Singing for her started in the church — she was leading worship by the time she was 13 — while songwriting became her outlet in high school, as her parents went through a divorce. She moved to Nashville after her sophomore year, where she stayed through two years of college before leaving to work in the industry, first as a songwriter.
“I grew up loving music, but I never knew that you could just choose to be a singer like that. I was from a small town in Knoxville so you grow up to be a vet or something that you see other people doing around you,” she says. “And until I saw a girl named Taylor move to Nashville, I didn’t know that I could do that.”
Ballerini’s entrance onto the scene as a solo artist was met with radio success, something that is far from the norm in the country world for female artists. Her debut single, “Love Me Like You Mean It,” was the first song by a female artist to debut at number one since Carrie Underwood in 2006. When her follow-up two singles topped the charts as well, she was the first female artist to do so in country since Wynonna Judd.
“I didn’t know it at the time, because I was blissfully naive and young, that when I put out my first single, there was a lack of females and it was a climate of the Carries and the Mirandas still having wild success on radio, but there was a gap between them and who was next,” Ballerini says. “And I think when you’re naive you just go in and you’re like, ‘This is what I want to do.
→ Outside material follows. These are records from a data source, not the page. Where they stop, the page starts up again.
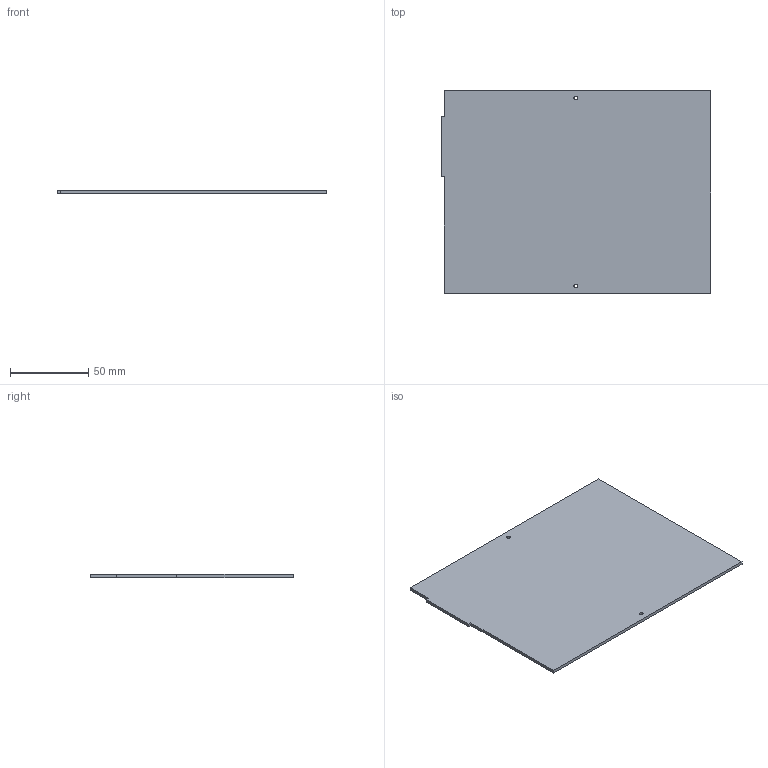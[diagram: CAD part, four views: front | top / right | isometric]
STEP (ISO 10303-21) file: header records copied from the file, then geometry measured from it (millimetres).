
FILE_DESCRIPTION (( 'STEP AP203' ), '1' );
FILE_NAME ('FOND_FINAL.STEP', '2017-12-18T11:58:19', ( '' ), ( '' ), 'SwSTEP 2.0', 'SolidWorks 2017', '' );
FILE_SCHEMA (( 'CONFIG_CONTROL_DESIGN' ));
Length unit declared in the file: millimetre
Products named in the file (1): FOND_FINAL
Bounding box: 172.26 x 129.68 x 2 mm (x, y, z)
Volume: 44301.4 mm3; surface area: 45539.4 mm2
Topology: 1 solids, 1 shells, 14 faces, 36 edges, 24 vertices
Faces by surface type: plane 10, cylinder 4
Entity records: 513 total; most frequent: CARTESIAN_POINT 75, DIRECTION 74, ORIENTED_EDGE 72, EDGE_CURVE 36, LINE 28, VECTOR 28, VERTEX_POINT 24, AXIS2_PLACEMENT_3D 23

I’m going to go do it.’ And you don’t know what you can’t do, so you just think you can and I think it’s a great thing, I think it’s a gift.”
After endless touring for the first two records, she’s ready to present something new with the third. The new album, which was written mostly on the road for a change, features songs with Halsey and Kenny Chesney, and one “love and hate,” co-written with Ed Sheeran, all of whom are first-time collaborators.
“The first two albums, I found my group that I felt safe and comfortable with, and I stayed within that because I knew it and it worked,” Ballerini says. “And this time I wanted to challenge myself. I wanted to get in rooms with people who were outside of country. I wanted to get in rooms with people that are just so much better than me and learn and push myself, because why not? A lot of the songs aren’t even on the album, but they are songs that I’m so proud of because I got in the room with Ryan Tedder or I got in the room with Jon Bellion, and I hadn’t had those opportunities before.”
Though the challenges are there, Ballerini is perhaps optimism embodied — and has an opportunities-for-all outlook for the industry.
“It’s an uphill battle. I think that everyone is very aware of it and I think when people are very aware of it, that’s when things have to start changing,” she says. “And I think for a while people were kind of like, ‘Yeah, but Carrie just had a number one.’ Just kind of writing it off instead of saying, “No, this 80 percent male, 20 percent female is unequal and not OK.” So, I think now that everyone’s very aware of it, we will start having changes.”